25 G, entretien avec un baroudeur

D’abord il y a ce physique. Imposant, colossal. Des tatouages qui parsèment « des avant-bras de déménageur breton », pour paraphraser Seth Gueko, l’un de ses proches, un crâne parfaitement lustré et une carrure de centaure. A l’écran, 25 G est patibulaire : des clips rentre-dedans, entre déambulations en Harley-Davidson, décorum gitan et une certaine idée de la ruralité mise en scène à travers des portraits de gueule cassées abîmées par la vie. Sans oublier un attrait certain pour les armes à feu, en particulier la chevrotine.

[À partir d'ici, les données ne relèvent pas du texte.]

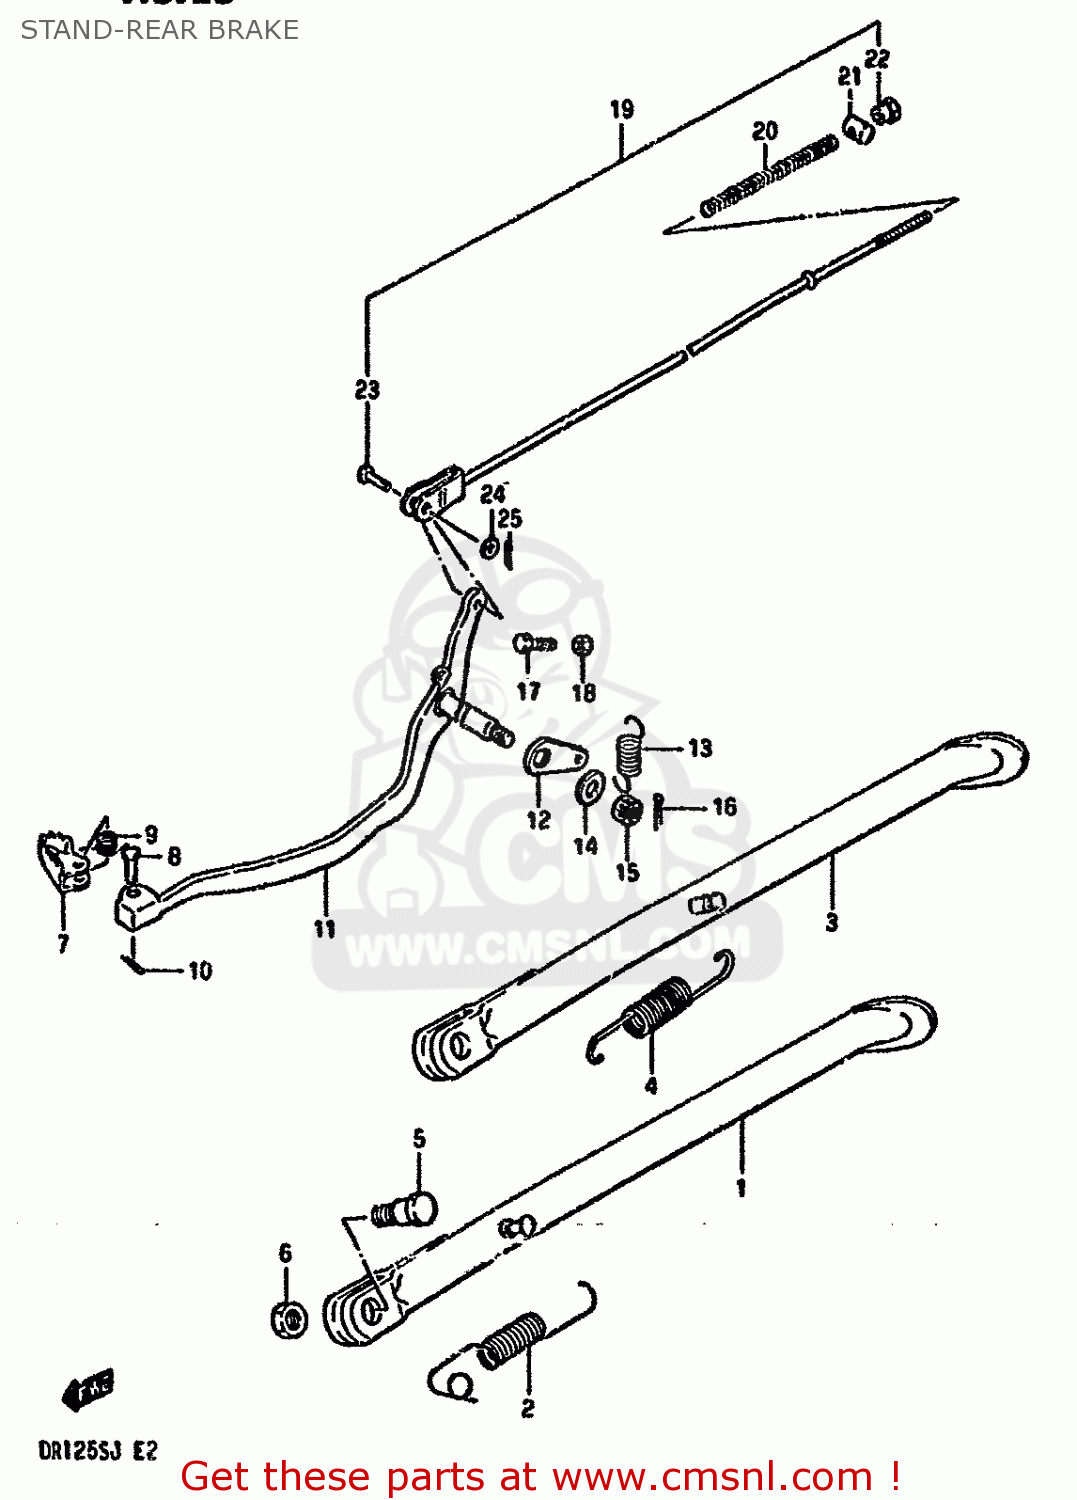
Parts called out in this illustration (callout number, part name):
1	STAND,PROP
2	SPRING
3	STAND, PROP (BLACK)
4	SPRING
5	BOLT L:30
6	NUT
7	PEDAL,BRAKE
8	PIN
9	SPRING
10	PIN
11	ARM,BRAKE PEDAL
12	ARM,BRAKE RETURN SPRING
13	SPRING
14	WASHER
15	NUT 8MM
16	PIN 20X20
17	BOLT(6X23)
18	NUT 6MM
19	ROD ASSEMBLY,REAR BRAKE
20	SPRING
21	PIN
22	NUT (6MM)
23	PIN(L:13.5)
24	WASHER
25	PIN 20X20

Pas de quoi adoucir l’image de brute épaisse qui colle à la peau de ce chantre du « white trash » précurseur de la culture redneck dans le rap français. Pourtant, derrière les lyrics tonitruantes lâchées au fil des productions, la voix est douce, le sourire presque enfantin. Car au fond, le rappeur estampillé Néochrome, auteur d’un album, Cabochard, est resté un grand gamin. De ceux qui ne se prennent pas au sérieux, qui aiment jouer la comédie. De ceux qui apprécient les choses simples comme un barbecue entre potes, rouler en grosse bécane ou encore proférer des grossièretés pour le simple plaisir d’observer leur auditoire s’en offusquer.